Work order:
Nothing outside the range is wanted. Repeat exactly the lines below from the one with "#24213 = LINE ( 'NONE', #32041, #6731 ) ;" through the one with "#28644 = EDGE_CURVE".

[Extracted entries Boundary: Start]

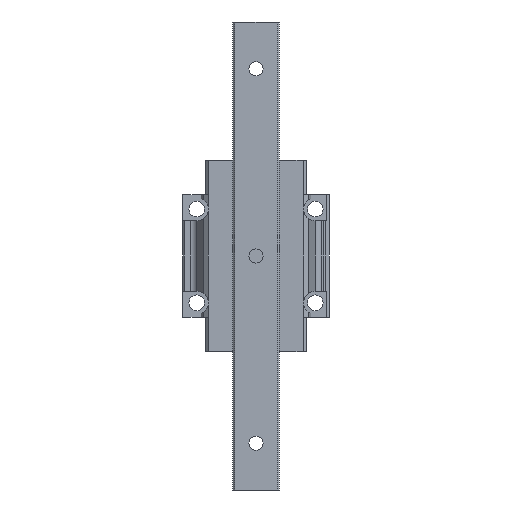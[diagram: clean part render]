
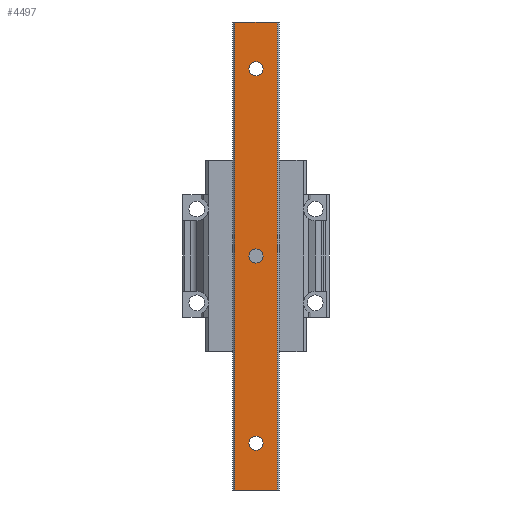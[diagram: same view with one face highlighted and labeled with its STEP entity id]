
A CAD part, front view. The second image highlights one B-rep face of the part: STEP entity #4497.
In plain terms, the highlighted planar face has unit normal (0, -1, 0).
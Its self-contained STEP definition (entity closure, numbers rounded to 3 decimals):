
#201 = EDGE_CURVE ( 'NONE', #4028, #2343, #3234, .T. ) ;
#459 = EDGE_CURVE ( 'NONE', #1302, #13519, #30551, .T. ) ;
#1302 = VERTEX_POINT ( 'NONE', #13130 ) ;
#1694 = CARTESIAN_POINT ( 'NONE',  ( 0., -15., -60. ) ) ;
#2343 = VERTEX_POINT ( 'NONE', #22879 ) ;
#2631 = AXIS2_PLACEMENT_3D ( 'NONE', #27114, #7948, #18538 ) ;
#3234 = LINE ( 'NONE', #11315, #14371 ) ;
#3314 = ORIENTED_EDGE ( 'NONE', *, *, #16569, .T. ) ;
#3524 = LINE ( 'NONE', #14685, #10344 ) ;
#4000 = ORIENTED_EDGE ( 'NONE', *, *, #11407, .T. ) ;
#4028 = VERTEX_POINT ( 'NONE', #27146 ) ;
#4497 = ADVANCED_FACE ( 'NONE', ( #12467, #24151, #23596, #34727 ), #18670, .T. ) ;
#5064 = CARTESIAN_POINT ( 'NONE',  ( 0., -15., 60. ) ) ;
#5295 = LINE ( 'NONE', #13548, #22722 ) ;
#5501 = ORIENTED_EDGE ( 'NONE', *, *, #32990, .T. ) ;
#6090 = DIRECTION ( 'NONE',  ( 0., 1., 0. ) ) ;
#6351 = ORIENTED_EDGE ( 'NONE', *, *, #14168, .T. ) ;
#6731 = VECTOR ( 'NONE', #34985, 1000. ) ;
#7082 = EDGE_LOOP ( 'NONE', ( #32902, #25601 ) ) ;
#7166 = CARTESIAN_POINT ( 'NONE',  ( -2.25, -15., 0. ) ) ;
#7948 = DIRECTION ( 'NONE',  ( 0., 1., 0. ) ) ;
#8010 = DIRECTION ( 'NONE',  ( -1., 0., 0. ) ) ;
#8572 = CIRCLE ( 'NONE', #30719, 2.25 ) ;
#8668 = CIRCLE ( 'NONE', #23843, 2.25 ) ;
#8697 = EDGE_LOOP ( 'NONE', ( #32138, #5501, #25274, #6351 ) ) ;
#9669 = CIRCLE ( 'NONE', #2631, 2.25 ) ;
#10240 = VERTEX_POINT ( 'NONE', #15468 ) ;
#10312 = DIRECTION ( 'NONE',  ( 0., 1., 0. ) ) ;
#10344 = VECTOR ( 'NONE', #25820, 1000. ) ;
#10527 = CARTESIAN_POINT ( 'NONE',  ( -6.8, -15., 75. ) ) ;
#11299 = EDGE_CURVE ( 'NONE', #13519, #1302, #9669, .T. ) ;
#11315 = CARTESIAN_POINT ( 'NONE',  ( 6.8, -15., -75. ) ) ;
#11407 = EDGE_CURVE ( 'NONE', #25245, #31996, #20743, .T. ) ;
#12467 = FACE_BOUND ( 'NONE', #7082, .T. ) ;
#13130 = CARTESIAN_POINT ( 'NONE',  ( -2.25, -15., 60. ) ) ;
#13519 = VERTEX_POINT ( 'NONE', #25896 ) ;
#13548 = CARTESIAN_POINT ( 'NONE',  ( -6.8, -15., -75. ) ) ;
#14168 = EDGE_CURVE ( 'NONE', #25149, #4028, #5295, .T. ) ;
#14371 = VECTOR ( 'NONE', #22449, 1000. ) ;
#14685 = CARTESIAN_POINT ( 'NONE',  ( -6.8, -15., 75. ) ) ;
#14918 = ORIENTED_EDGE ( 'NONE', *, *, #28644, .T. ) ;
#15468 = CARTESIAN_POINT ( 'NONE',  ( 2.25, -15., -60. ) ) ;
#16569 = EDGE_CURVE ( 'NONE', #10240, #32763, #8668, .T. ) ;
#16771 = CIRCLE ( 'NONE', #23178, 2.25 ) ;
#17884 = CARTESIAN_POINT ( 'NONE',  ( 0., -15., -60. ) ) ;
#18173 = DIRECTION ( 'NONE',  ( -1., 0., 0. ) ) ;
#18335 = CARTESIAN_POINT ( 'NONE',  ( 2.25, -15., 0. ) ) ;
#18538 = DIRECTION ( 'NONE',  ( -1., 0., 0. ) ) ;
#18670 = PLANE ( 'NONE',  #33327 ) ;
#18876 = DIRECTION ( 'NONE',  ( 0., 1., 0. ) ) ;
#19008 = EDGE_CURVE ( 'NONE', #32763, #10240, #16771, .T. ) ;
#19935 = EDGE_CURVE ( 'NONE', #31472, #25149, #24213, .T. ) ;
#20743 = CIRCLE ( 'NONE', #30645, 2.25 ) ;
#20865 = CARTESIAN_POINT ( 'NONE',  ( -6.8, -15., -75. ) ) ;
#21456 = DIRECTION ( 'NONE',  ( -1., 0., 0. ) ) ;
#21654 = CARTESIAN_POINT ( 'NONE',  ( 0., -15., 0. ) ) ;
#22449 = DIRECTION ( 'NONE',  ( 0., 0., 1. ) ) ;
#22722 = VECTOR ( 'NONE', #24857, 1000. ) ;
#22879 = CARTESIAN_POINT ( 'NONE',  ( 6.8, -15., 75. ) ) ;
#22902 = CARTESIAN_POINT ( 'NONE',  ( 0., -15., 0. ) ) ;
#23178 = AXIS2_PLACEMENT_3D ( 'NONE', #17884, #31567, #23391 ) ;
#23391 = DIRECTION ( 'NONE',  ( -1., 0., 0. ) ) ;
#23405 = EDGE_LOOP ( 'NONE', ( #36151, #3314 ) ) ;
#23596 = FACE_BOUND ( 'NONE', #27425, .T. ) ;
#23843 = AXIS2_PLACEMENT_3D ( 'NONE', #1694, #18876, #21456 ) ;
#24151 = FACE_BOUND ( 'NONE', #23405, .T. ) ;
#24213 = LINE ( 'NONE', #32041, #6731 ) ;
#24857 = DIRECTION ( 'NONE',  ( 1., 0., 0. ) ) ;
#25149 = VERTEX_POINT ( 'NONE', #32753 ) ;
#25245 = VERTEX_POINT ( 'NONE', #7166 ) ;
#25274 = ORIENTED_EDGE ( 'NONE', *, *, #19935, .T. ) ;
#25601 = ORIENTED_EDGE ( 'NONE', *, *, #11299, .T. ) ;
#25814 = DIRECTION ( 'NONE',  ( -1., 0., 0. ) ) ;
#25820 = DIRECTION ( 'NONE',  ( -1., 0., 0. ) ) ;
#25896 = CARTESIAN_POINT ( 'NONE',  ( 2.25, -15., 60. ) ) ;
#27114 = CARTESIAN_POINT ( 'NONE',  ( 0., -15., 60. ) ) ;
#27146 = CARTESIAN_POINT ( 'NONE',  ( 6.8, -15., -75. ) ) ;
#27425 = EDGE_LOOP ( 'NONE', ( #4000, #14918 ) ) ;
#28590 = CARTESIAN_POINT ( 'NONE',  ( -2.25, -15., -60. ) ) ;
#28644 = EDGE_CURVE ( 'NONE', #31996, #25245, #8572, .T. ) ;
#29260 = DIRECTION ( 'NONE',  ( 0., -1., 0. ) ) ;
#30276 = DIRECTION ( 'NONE',  ( 0., 1., 0. ) ) ;
#30551 = CIRCLE ( 'NONE', #34036, 2.25 ) ;
#30645 = AXIS2_PLACEMENT_3D ( 'NONE', #22902, #6090, #25814 ) ;
#30719 = AXIS2_PLACEMENT_3D ( 'NONE', #21654, #10312, #18173 ) ;
#31472 = VERTEX_POINT ( 'NONE', #10527 ) ;
#31567 = DIRECTION ( 'NONE',  ( 0., 1., 0. ) ) ;
#31970 = DIRECTION ( 'NONE',  ( 0., 0., -1. ) ) ;
#31996 = VERTEX_POINT ( 'NONE', #18335 ) ;
#32041 = CARTESIAN_POINT ( 'NONE',  ( -6.8, -15., -75. ) ) ;
#32138 = ORIENTED_EDGE ( 'NONE', *, *, #201, .T. ) ;
#32753 = CARTESIAN_POINT ( 'NONE',  ( -6.8, -15., -75. ) ) ;
#32763 = VERTEX_POINT ( 'NONE', #28590 ) ;
#32902 = ORIENTED_EDGE ( 'NONE', *, *, #459, .T. ) ;
#32990 = EDGE_CURVE ( 'NONE', #2343, #31472, #3524, .T. ) ;
#33327 = AXIS2_PLACEMENT_3D ( 'NONE', #20865, #29260, #31970 ) ;
#34036 = AXIS2_PLACEMENT_3D ( 'NONE', #5064, #30276, #8010 ) ;
#34727 = FACE_OUTER_BOUND ( 'NONE', #8697, .T. ) ;
#34985 = DIRECTION ( 'NONE',  ( 0., 0., -1. ) ) ;
#36151 = ORIENTED_EDGE ( 'NONE', *, *, #19008, .T. ) ;

[Extracted entries Boundary: End]

Output for this task:
#24213 = LINE ( 'NONE', #32041, #6731 ) ;
#24857 = DIRECTION ( 'NONE',  ( 1., 0., 0. ) ) ;
#25149 = VERTEX_POINT ( 'NONE', #32753 ) ;
#25245 = VERTEX_POINT ( 'NONE', #7166 ) ;
#25274 = ORIENTED_EDGE ( 'NONE', *, *, #19935, .T. ) ;
#25601 = ORIENTED_EDGE ( 'NONE', *, *, #11299, .T. ) ;
#25814 = DIRECTION ( 'NONE',  ( -1., 0., 0. ) ) ;
#25820 = DIRECTION ( 'NONE',  ( -1., 0., 0. ) ) ;
#25896 = CARTESIAN_POINT ( 'NONE',  ( 2.25, -15., 60. ) ) ;
#27114 = CARTESIAN_POINT ( 'NONE',  ( 0., -15., 60. ) ) ;
#27146 = CARTESIAN_POINT ( 'NONE',  ( 6.8, -15., -75. ) ) ;
#27425 = EDGE_LOOP ( 'NONE', ( #4000, #14918 ) ) ;
#28590 = CARTESIAN_POINT ( 'NONE',  ( -2.25, -15., -60. ) ) ;
#28644 = EDGE_CURVE ( 'NONE', #31996, #25245, #8572, .T. ) ;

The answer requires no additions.